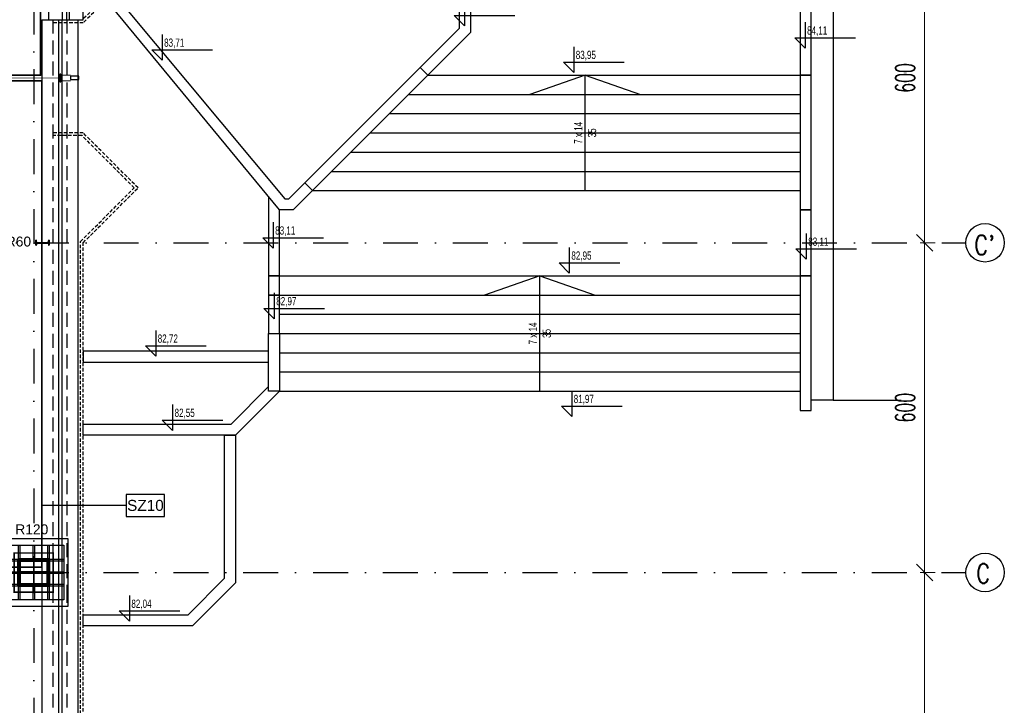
# Model space of a CAD drawing. Header units: centimetres. Extents: x -10729 to 23827, y -4437 to 19798.
# Tile 65 of 95: x 13434 to 15227, y 7158 to 8406. Entities that reach past the tile are written whole.
import ezdxf

# ---------------------------------------------------------------- set-up
doc = ezdxf.new("R2010")
doc.units = ezdxf.units.CM
doc.header["$PDMODE"] = 35
doc.header["$PDSIZE"] = 0.1
doc.linetypes.add('Kondygnacja  -0_5$0$HIDDEN', pattern=[9.525, 6.35, -3.175])
doc.linetypes.add('Osie rzutów$0$DASHDOT2', pattern=[12.7, 6.35, -3.175, 0, -3.175])
doc.layers.get('0').update_dxf_attribs({"color": 8})
doc.layers.get('DEFPOINTS').update_dxf_attribs({"color": 8})
for name, color, linetype in [('bgde_schem_opis', 2, 'Continuous'), ('Kondygnacja  -0_5$0$ARCH_GK', 8, 'Continuous'), ('Kondygnacja  -0_5$0$ARCH_INFO_KOTY_WYSOKOŚCIOWE_IST', 8, 'Continuous'), ('Kondygnacja  -0_5$0$ARCH_INFO_ODPORNOŚĆ OGNIOWA', 8, 'Continuous'), ('Kondygnacja  -0_5$0$ARCH_INFO_OPISY_PRZEGRODY_IST', 8, 'Continuous'), ('Kondygnacja  -0_5$0$ARCH_INFO_SCHODY_IST', 8, 'Continuous'), ('Kondygnacja  -0_5$0$ARCH_KONSTRUKCJA_NIEWIDOCZNA', 8, 'Continuous'), ('Kondygnacja  -0_5$0$ARCH_MUROWANE_IST', 8, 'Continuous'), ('Kondygnacja  -0_5$0$ARCH_NIEWIDOK_IST', 8, 'Kondygnacja  -0_5$0$HIDDEN'), ('Kondygnacja  -0_5$0$ARCH_OKŁADZINA', 8, 'Continuous'), ('Kondygnacja  -0_5$0$ARCH_SCHODY ZEW.', 8, 'Continuous'), ('Kondygnacja  -0_5$0$ARCH_STAL_IST', 8, 'Continuous'), ('Kondygnacja  -0_5$0$ARCH_SŁUPY', 8, 'Continuous'), ('Kondygnacja  -0_5$0$ARCH_WIDOK_IST', 8, 'Continuous'), ('Kondygnacja  -0_5$0$ARCH_ŚLUSARKA_OKNA_IST', 8, 'Continuous'), ('Kondygnacja  -0_5$0$ARCH_ŻELBET_IST', 8, 'Continuous'), ('Kondygnacja -1$0$ARCH_PROFILE_IST', 8, 'Continuous'), ('Kondygnacja -1$0$ARCH_SZYNY', 8, 'Continuous'), ('Osie rzutów$0$ARCH_INFO_OSIE_IST', 8, 'Osie rzutów$0$DASHDOT2'), ('Osie rzutów$0$ARCH_INFO_OSIE_OPISY_IST', 8, 'Continuous'), ('Warstwa1', 8, 'Continuous')]:
    doc.layers.add(name, color=color, linetype=linetype)
doc.layers.add('Kondygnacja -1$0$ARCH_WIDOK', color=8, linetype='Continuous', lineweight=13)
doc.layers.add('Osie rzutów$0$ARCH_INFO_WYMIARY', color=8, linetype='Continuous', lineweight=9)
doc.styles.add('Kondygnacja  -0_5$0$Arial', font='arial.ttf')
doc.styles.add('Kondygnacja  -0_5$0$Dimensions', font='arial.ttf', dxfattribs={"width": 0.7})
doc.styles.add('Kondygnacja -1$0$Standard', font='txt')
doc.styles.add('Osie rzutów$0$ROMANS-250-CM', font='romans.shx', dxfattribs={"width": 0.8, "height": 50})
doc.styles.add('Osie rzutów$0$wymiary_cuprum', font='Romans.shx', dxfattribs={"width": 0.6})
doc.linetypes.add('Kondygnacja -1$0$SZYNA_LINE', pattern='A,12.7,-7.75,["SZYNA",Kondygnacja -1$0$Standard,S=2.54,R=0,X=-5.95,Y=-1.27],-7.75', length=28.2)
doc.dimstyles.new('Osie rzutów$0$ARCH_ CT', dxfattribs={"dimtxt": 20, "dimasz": 20, "dimexe": 12, "dimexo": 20, "dimgap": 5, "dimtad": 1, "dimdec": 1, "dimrnd": 0.5, "dimzin": 9, "dimdsep": 46, "dimtxsty": 'Osie rzutów$0$wymiary_cuprum', "dimblk": 'Osie rzutów$0$_Oblique', "dimcen": 8, "dimdle": 12, "dimclrd": 256, "dimclre": 256, "dimclrt": 55, "dimadec": 1, "dimazin": 0, "dimtfac": 1, "dimtdec": 1, "dimtmove": 1, "dimatfit": 2, "dimldrblk": 'Osie rzutów$0$_Dot', "dimfxl": 50, "dimtolj": 1, "dimtzin": 0, "dimlwd": -1, "dimlwe": -1, "dimarcsym": 0})
pattern_1 = [(45, (-1133.3117, -3177.9858), (-0.6735192, 0.6735192), [])]

# ---------------------------------------------------------------- blocks, each defined once
blk = doc.blocks.new('Osie rzutów$0$_Oblique')
at = {"color": 0, "linetype": 'ByBlock', "lineweight": -2}
blk.add_line((-0.5, -0.5), (0.5, 0.5), dxfattribs=at)
blk = doc.blocks.new('*D72')
at = {"layer": 'DEFPOINTS', "color": 0}
for p in [(15115.5, 8600), (15081.5, 8000), (15115.5, 8000)]:
    blk.add_point(p, dxfattribs=at)
at = {"layer": 'Osie rzutów$0$ARCH_INFO_WYMIARY'}
for p, q in [((15081.5, 8608), (15081.5, 7992)), ((15100.5, 8600), (15073.5, 8600)), ((15100.5, 8000), (15073.5, 8000))]:
    blk.add_line(p, q, dxfattribs=at)
at = {"layer": 'Osie rzutów$0$ARCH_INFO_WYMIARY', "xscale": 30, "yscale": 30, "zscale": 30}
for p, rotation in [((15081.5, 8600), 90), ((15081.5, 8000), 270)]:
    blk.add_blockref('Osie rzutów$0$_Oblique', p, dxfattribs=dict(at, rotation=rotation))
at = {"layer": 'Osie rzutów$0$ARCH_INFO_WYMIARY', "color": 55, "insert": (15046, 8300), "char_height": 35, "attachment_point": 5, "rotation": 90, "style": 'Osie rzutów$0$wymiary_cuprum'}
blk.add_mtext('\\A1;600', dxfattribs=at)
blk = doc.blocks.new('Osie rzutów$0$_Dot')
at = {"color": 0, "linetype": 'ByBlock', "lineweight": -2}
blk.add_line((-0.5, 0), (-1, 0), dxfattribs=at)
at = {"color": 0, "linetype": 'ByBlock', "const_width": 0.5}
blk.add_lwpolyline([(-0.25, 0, 1), (0.25, 0, 1)], format="xyb", close=True, dxfattribs=at)
blk = doc.blocks.new('*D73')
at = {"layer": 'DEFPOINTS', "color": 0}
for p in [(15115.5, 8000), (15081.5, 7400), (15115.5, 7400)]:
    blk.add_point(p, dxfattribs=at)
at = {"layer": 'Osie rzutów$0$ARCH_INFO_WYMIARY'}
for p, q in [((15100.5, 8000), (15073.5, 8000)), ((15081.5, 8008), (15081.5, 7392)), ((15100.5, 7400), (15073.5, 7400))]:
    blk.add_line(p, q, dxfattribs=at)
at = {"layer": 'Osie rzutów$0$ARCH_INFO_WYMIARY', "xscale": 30, "yscale": 30, "zscale": 30}
for p, rotation in [((15081.5, 8000), 90), ((15081.5, 7400), 270)]:
    blk.add_blockref('Osie rzutów$0$_Oblique', p, dxfattribs=dict(at, rotation=rotation))
at = {"layer": 'Osie rzutów$0$ARCH_INFO_WYMIARY', "color": 55, "insert": (15046, 7700), "char_height": 35, "attachment_point": 5, "rotation": 90, "style": 'Osie rzutów$0$wymiary_cuprum'}
blk.add_mtext('\\A1;600', dxfattribs=at)
blk = doc.blocks.new('*D74')
at = {"layer": 'DEFPOINTS', "color": 0}
for p in [(15115.5, 7400), (15081.5, 6800), (15115.5, 6800)]:
    blk.add_point(p, dxfattribs=at)
at = {"layer": 'Osie rzutów$0$ARCH_INFO_WYMIARY'}
for p, q in [((15081.5, 7408), (15081.5, 6792)), ((15100.5, 7400), (15073.5, 7400)), ((15100.5, 6800), (15073.5, 6800))]:
    blk.add_line(p, q, dxfattribs=at)
at = {"layer": 'Osie rzutów$0$ARCH_INFO_WYMIARY', "xscale": 30, "yscale": 30, "zscale": 30}
for p, rotation in [((15081.5, 7400), 90), ((15081.5, 6800), 270)]:
    blk.add_blockref('Osie rzutów$0$_Oblique', p, dxfattribs=dict(at, rotation=rotation))
at = {"layer": 'Osie rzutów$0$ARCH_INFO_WYMIARY', "color": 55, "insert": (15046, 7100), "char_height": 35, "attachment_point": 5, "rotation": 90, "style": 'Osie rzutów$0$wymiary_cuprum'}
blk.add_mtext('\\A1;600', dxfattribs=at)
blk = doc.blocks.new('Kondygnacja  -0_5$0$słup_kwadrat')
at = {"layer": 'Kondygnacja  -0_5$0$ARCH_SŁUPY', "lineweight": 40}
h = blk.add_hatch(dxfattribs=at)
h.set_pattern_fill('ANSI31', color=256, scale=0.3, style=0)
h.set_pattern_definition(pattern_1)
h.paths.add_polyline_path([(36, 34), (39, 34), (39, 84), (36, 84)])
h = blk.add_hatch(dxfattribs=at)
h.set_pattern_fill('ANSI31', color=256, scale=0.3, style=0)
h.set_pattern_definition(pattern_1)
h.paths.add_polyline_path([(89, 80), (89, 83), (39, 83), (39, 80)])
h = blk.add_hatch(dxfattribs=at)
h.set_pattern_fill('ANSI31', color=256, scale=0.3, style=0)
h.set_pattern_definition(pattern_1)
h.paths.add_polyline_path([(89, 34), (92, 34), (92, 84), (89, 84)])
h = blk.add_hatch(dxfattribs=at)
h.set_pattern_fill('ANSI31', color=256, scale=0.3, style=0)
h.set_pattern_definition(pattern_1)
h.paths.add_polyline_path([(89, 57.5), (89, 60.5), (39, 60.5), (39, 57.5)])
h = blk.add_hatch(dxfattribs=at)
h.set_pattern_fill('ANSI31', color=256, scale=0.3, style=0)
h.set_pattern_definition(pattern_1)
h.paths.add_polyline_path([(89, 35), (89, 38), (39, 38), (39, 35)])
at = {"layer": 'Kondygnacja  -0_5$0$ARCH_KONSTRUKCJA_NIEWIDOCZNA'}
blk.add_lwpolyline([(119, 109), (119, 9), (9, 9), (9, 109)], close=True, dxfattribs=at)
for points in [[(36, 109), (36, 84)], [(39, 109), (39, 84)], [(62.5, 109), (62.5, 83)], [(65.5, 109), (65.5, 83)], [(89, 109), (89, 84)], [(92, 109), (92, 84)], [(9, 83), (36, 83)], [(9, 80), (36, 80)], [(92, 83), (119, 83)], [(92, 80), (119, 80)], [(9, 60.5), (36, 60.5)], [(9, 57.5), (36, 57.5)], [(92, 60.5), (119, 60.5)], [(92, 57.5), (119, 57.5)], [(9, 38), (36, 38)], [(92, 38), (119, 38)], [(9, 35), (36, 35)], [(36, 34), (36, 9)], [(39, 34), (39, 9)], [(62.5, 35), (62.5, 9)], [(65.5, 35), (65.5, 9)], [(89, 34), (89, 9)], [(92, 35), (119, 35)], [(92, 34), (92, 9)]]:
    blk.add_lwpolyline(points, dxfattribs=at)
at = {"layer": 'Kondygnacja  -0_5$0$ARCH_OKŁADZINA'}
blk.add_lwpolyline([(2, 121), (126, 121), (126, -3), (2, -3)], close=True, dxfattribs=at)
at = {"layer": 'Kondygnacja  -0_5$0$ARCH_SŁUPY', "lineweight": 40}
for p, q in [((39, 60.5), (89, 60.5)), ((89, 57.5), (39, 57.5))]:
    blk.add_line(p, q, dxfattribs=at)
at = {"layer": 'Kondygnacja  -0_5$0$ARCH_SŁUPY', "lineweight": 50, "const_width": 3}
blk.add_lwpolyline([(28.5, 94.5), (99.5, 94.5), (99.5, 23.5), (28.5, 23.5)], close=True, dxfattribs=at)
at = {"layer": 'Kondygnacja  -0_5$0$ARCH_SŁUPY', "lineweight": 40}
for points in [[(36, 84), (39, 84), (39, 34), (36, 34)], [(89, 84), (92, 84), (92, 34), (89, 34)]]:
    blk.add_lwpolyline(points, close=True, dxfattribs=at)
for points in [[(89, 83), (39, 83)], [(39, 80), (89, 80)], [(89, 38), (39, 38)], [(39, 35), (89, 35)]]:
    blk.add_lwpolyline(points, dxfattribs=at)
blk = doc.blocks.new('Osie rzutów')
at = {"layer": 'Osie rzutów$0$ARCH_INFO_OSIE_IST', "ltscale": 10}
for p, q in [((13460, 12510), (13460, 4623.26)), ((4436.24, 8000), (15156.54, 8000)), ((13460, 7370), (13460, 7430)), ((4436.04, 7400), (15156.54, 7400)), ((13490, 7400), (13430, 7400))]:
    blk.add_line(p, q, dxfattribs=at)
at = {"layer": 'Osie rzutów$0$ARCH_INFO_OSIE_OPISY_IST'}
for centre in [(15191.54, 8000), (15191.54, 7400)]:
    blk.add_circle(centre, 35, dxfattribs=at)
at = {"layer": 'Osie rzutów$0$ARCH_INFO_OSIE_OPISY_IST', "style": 'Osie rzutów$0$ROMANS-250-CM', "width": 0.8}
for s, p in [("C'", (15171.97, 7978.51)), ('C', (15175.39, 7380.9))]:
    blk.add_text(s, height=35, dxfattribs=at).set_placement(p)
at = {"layer": 'Osie rzutów$0$ARCH_INFO_WYMIARY'}
for base, p1, p2, picture, middle in [((15081.54, 8000), (15115.47, 8600), (15115.47, 8000), '*D72', (15046.04, 8300)), ((15081.54, 7400), (15115.47, 8000), (15115.47, 7400), '*D73', (15046.04, 7700)), ((15081.54, 6800), (15115.47, 7400), (15115.47, 6800), '*D74', (15046.04, 7100))]:
    dim = blk.add_linear_dim(base=base, p1=p1, p2=p2, angle=270, dimstyle='Osie rzutów$0$ARCH_ CT', override={"dimtxt": 35, "dimasz": 30, "dimexe": 8, "dimexo": 15, "dimgap": 18, "dimdle": 8}, dxfattribs=at)
    dim.commit()
    dim.dimension.update_dxf_attribs({"geometry": picture, "text_midpoint": middle})

msp = doc.modelspace()

# ---------------------------------------------------------------- linework, layer by layer
at = {"layer": 'bgde_schem_opis', "color": 251, "lineweight": 35}
for points in [[(12270, 9510), (13472.5, 9510), (13472.5, 8305), (12270, 8305)], [(12270, 8295), (13475, 8295), (13475, 7410), (12270, 7410)]]:
    msp.add_lwpolyline(points, close=True, dxfattribs=at)
at = {"layer": 'Kondygnacja  -0_5$0$ARCH_GK', "linetype": 'Continuous', "lineweight": -3}
for p, q in [((13475, 8305), (12270, 8305)), ((12270, 8295), (13475, 8295))]:
    msp.add_line(p, q, dxfattribs=at)
at = {"layer": 'Kondygnacja  -0_5$0$ARCH_INFO_KOTY_WYSOKOŚCIOWE_IST'}
for points in [[(14243.822, 8441.77), (14243.822, 8394.926), (14225.072, 8413.676), (14335.591, 8413.676)], [(14863.902, 8401.268), (14863.902, 8354.424), (14845.152, 8373.174), (14955.671, 8373.174)], [(13693.662, 8379.104), (13693.662, 8332.26), (13674.912, 8351.01), (13785.431, 8351.01)], [(14442.859, 8356.868), (14442.859, 8310.025), (14424.109, 8328.775), (14534.628, 8328.775)], [(13895.747, 8037.314), (13895.747, 7990.471), (13876.997, 8009.221), (13987.517, 8009.221)], [(14866.022, 8016.907), (14866.022, 7970.064), (14847.272, 7988.814), (14957.792, 7988.814)], [(14434.841, 7991.637), (14434.841, 7944.793), (14416.091, 7963.543), (14526.61, 7963.543)], [(13897.754, 7908.696), (13897.754, 7861.853), (13879.004, 7880.603), (13989.523, 7880.603)], [(13682.001, 7840.573), (13682.001, 7793.73), (13663.251, 7812.48), (13773.77, 7812.48)], [(14439.127, 7730.701), (14439.127, 7683.857), (14420.377, 7702.607), (14530.896, 7702.607)], [(13712.671, 7705.494), (13712.671, 7658.651), (13693.921, 7677.401), (13804.44, 7677.401)], [(13634.031, 7358.058), (13634.031, 7311.214), (13615.281, 7329.964), (13725.8, 7329.964)]]:
    msp.add_lwpolyline(points, dxfattribs=at)
at = {"layer": 'Kondygnacja  -0_5$0$ARCH_INFO_OPISY_PRZEGRODY_IST'}
msp.add_lwpolyline([(13628.293, 7521.977), (13628.293, 7501.977), (13698.293, 7501.977), (13698.293, 7541.977), (13628.293, 7541.977), (13628.293, 7521.977), (13475, 7521.977)], dxfattribs=at)
at = {"layer": 'Kondygnacja  -0_5$0$ARCH_INFO_SCHODY_IST'}
for points in [[(14463.75, 8095), (14463.75, 8305), (14363.026, 8270)], [(14463.75, 8095), (14463.75, 8305), (14564.474, 8270)], [(14381.25, 7730), (14381.25, 7940), (14280.526, 7905)], [(14381.25, 7730), (14381.25, 7940), (14481.974, 7905)]]:
    msp.add_lwpolyline(points, dxfattribs=at)
at = {"layer": 'Kondygnacja  -0_5$0$ARCH_MUROWANE_IST', "ltscale": 4}
for p, q in [((13525, 8406), (13525, 8850)), ((13550, 8406), (13550, 8825)), ((13540, 8406), (13550, 8406))]:
    msp.add_line(p, q, dxfattribs=at)
at = {"layer": 'Kondygnacja  -0_5$0$ARCH_NIEWIDOK_IST', "ltscale": 4}
for p, q in [((13495, 8406), (13495, 7370)), ((13520, 8406), (13520, 7370)), ((13495, 7370), (13495, 4965)), ((13520, 7370), (13520, 4940))]:
    msp.add_line(p, q, dxfattribs=at)
at = {"layer": 'Kondygnacja  -0_5$0$ARCH_NIEWIDOK_IST'}
for points in [[(13569, 8830), (13545.002, 8830), (13545.002, 8597.929), (13642.931, 8500), (13547.931, 8405), (13495.002, 8405)], [(13569, 8825), (13550, 8825), (13550.002, 8600), (13650.002, 8500), (13550.002, 8400), (13495.002, 8400)], [(13522.5, 4880), (13550, 4880), (13550.002, 8000), (13650.002, 8100), (13550.002, 8200), (13495.002, 8200)], [(13521.464, 4885), (13545, 4885), (13545.002, 8002.071), (13642.931, 8100), (13547.931, 8195), (13495.002, 8195)]]:
    msp.add_lwpolyline(points, dxfattribs=at)
at = {"layer": 'Kondygnacja  -0_5$0$ARCH_SCHODY ZEW.'}
for points in [[(14177.5, 8305), (14855, 8305)], [(14142.5, 8270), (14855, 8270)], [(14107.5, 8235), (14855, 8235)], [(14072.5, 8200), (14855, 8200)], [(14037.5, 8165), (14855, 8165)], [(14002.5, 8130), (14855, 8130)], [(13967.5, 8095), (14855, 8095)], [(13907.5, 7940), (14855, 7940)], [(13907.5, 7905), (14855, 7905)], [(13907.5, 7870), (14855, 7870)], [(13907.5, 7835), (14855, 7835)], [(13907.5, 7800), (14855, 7800)], [(13907.5, 7765), (14855, 7765)], [(13907.5, 7730), (14855, 7730)]]:
    msp.add_lwpolyline(points, dxfattribs=at)
at = {"layer": 'Kondygnacja  -0_5$0$ARCH_STAL_IST'}
for p, q in [((13464.38, 8004.5), (13464, 8004.5)), ((13464, 8004.5), (13464, 7995.5)), ((13464, 7995.5), (13464, 8004.5)), ((13464, 8004.5), (13464.38, 8004.5)), ((13464, 7995.5), (13464.38, 7995.5)), ((13465.576, 8000.82), (13465.13, 8003.75)), ((13465.576, 7999.18), (13465.13, 7996.25)), ((13466.026, 8000.37), (13485.974, 8000.37)), ((13466.026, 7999.63), (13485.974, 7999.63)), ((13486.424, 8000.82), (13486.87, 8003.75)), ((13486.424, 7999.18), (13486.87, 7996.25)), ((13487.62, 8004.5), (13488, 8004.5)), ((13488, 8004.5), (13487.62, 8004.5)), ((13488, 7995.5), (13487.62, 7995.5)), ((13488, 8004.5), (13488, 7995.5)), ((13488, 7995.5), (13488, 8004.5))]:
    msp.add_line(p, q, dxfattribs=at)
for centre, radius, start, end in [((13464.38, 8003.75), 0.75, 0, 90), ((13464.38, 8003.75), 0.75, 0, 90), ((13464.38, 7996.25), 0.75, 270, 0), ((13466.026, 8000.82), 0.45, 180, 270), ((13466.026, 7999.18), 0.45, 90, 180), ((13485.974, 8000.82), 0.45, 270, 0), ((13485.974, 7999.18), 0.45, 0, 90), ((13487.62, 8003.75), 0.75, 90, 180), ((13487.62, 8003.75), 0.75, 90, 180), ((13487.62, 7996.25), 0.75, 180, 270)]:
    msp.add_arc(centre, radius, start, end, dxfattribs=at)
at = {"layer": 'Kondygnacja  -0_5$0$ARCH_WIDOK_IST'}
for p, q in [((14915, 8568.047), (14915, 7713.627)), ((13475, 8406), (13475, 7370)), ((13475, 8406), (13540, 8406)), ((13540, 8406), (13540, 7370)), ((14915, 7713.627), (14875.003, 7713.627)), ((14915, 7713.627), (15039.026, 7713.627)), ((13475, 7370), (13475, 4985)), ((13540, 7370), (13540, 4920))]:
    msp.add_line(p, q, dxfattribs=at)
for points in [[(14177.5, 8305), (14163.358, 8319.142), (14235, 8390.784), (14235, 8460), (14255, 8460), (14255, 8382.5)], [(14855.001, 8305), (14875.001, 8305), (14875.001, 8425), (14855.001, 8425)], [(13953.358, 8109.142), (13967.5, 8095), (14177.5, 8305), (14163.358, 8319.142)], [(14855.001, 8060), (14875.001, 8060), (14875.001, 8305), (14855.001, 8305)], [(13887.5, 7940), (13907.5, 7940), (13907.5, 8060), (13887.5, 8084.192)], [(14855.003, 7940), (14875.003, 7940), (14875.003, 8060), (14855.003, 8060)], [(13887.5, 7905), (13907.5, 7905), (13907.5, 7940), (13887.5, 7940)], [(14855.003, 7695), (14875.003, 7695), (14875.003, 7940), (14855.003, 7940)], [(13887.5, 7835), (13907.5, 7835), (13907.5, 7905), (13887.5, 7905)], [(13887.5, 7835), (13907.5, 7835), (13907.5, 7730), (13827.5, 7650), (13550.002, 7650), (13550.002, 7670), (13819.216, 7670), (13887.5, 7738.284), (13887.5, 7835)], [(13550.002, 7783), (13887.5, 7783), (13887.5, 7803), (13550.002, 7803)], [(13827.5, 7650), (13827.5, 7381.277), (13749.223, 7303), (13550.002, 7303), (13550.002, 7323), (13740.939, 7323), (13807.5, 7389.561), (13807.5, 7650)]]:
    msp.add_lwpolyline(points, close=True, dxfattribs=at)
for points in [[(13622.64, 8432.606), (13916.981, 8080), (13924.216, 8080), (13953.358, 8109.142), (13967.5, 8095), (13932.5, 8060), (13907.5, 8060), (13599.453, 8432.606)], [(13907.5, 7730), (13887.5, 7730), (13887.5, 7738.284)]]:
    msp.add_lwpolyline(points, dxfattribs=at)
at = {"layer": 'Kondygnacja  -0_5$0$ARCH_ŚLUSARKA_OKNA_IST'}
for p, q in [((13505, 8406), (13505, 7370)), ((13511, 8406), (13511, 7370)), ((13505, 7370), (13505, 4955)), ((13511, 7370), (13511, 4949))]:
    msp.add_line(p, q, dxfattribs=at)
at = {"layer": 'Kondygnacja  -0_5$0$ARCH_ŻELBET_IST', "ltscale": 4}
for p, q in [((13520, 8406), (13520, 8855)), ((13487, 8550), (13487, 8406)), ((13512, 8550), (13512, 8406))]:
    msp.add_line(p, q, dxfattribs=at)
at = {"layer": 'Kondygnacja -1$0$ARCH_PROFILE_IST'}
msp.add_lwpolyline([(13542, 8297), (13542, 8303), (13527, 8303), (13527, 8297)], close=True, dxfattribs=at)
at = {"layer": 'Kondygnacja -1$0$ARCH_SZYNY', "linetype": 'Kondygnacja -1$0$SZYNA_LINE', "ltscale": 2.5, "const_width": 1}
msp.add_lwpolyline([(13509, 8300), (12270, 8300)], dxfattribs=at)
at = {"layer": 'Kondygnacja -1$0$ARCH_WIDOK'}
msp.add_lwpolyline([(13527, 8305), (13509, 8305), (13509, 8295), (13527, 8295)], dxfattribs=at)
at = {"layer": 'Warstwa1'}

* * * * *

The word "Standard" appears in some lines above. Return every one of those lines.

- **Response to the exercise**
doc.styles.add('Kondygnacja -1$0$Standard', font='txt')
doc.linetypes.add('Kondygnacja -1$0$SZYNA_LINE', pattern='A,12.7,-7.75,["SZYNA",Kondygnacja -1$0$Standard,S=2.54,R=0,X=-5.95,Y=-1.27],-7.75', length=28.2)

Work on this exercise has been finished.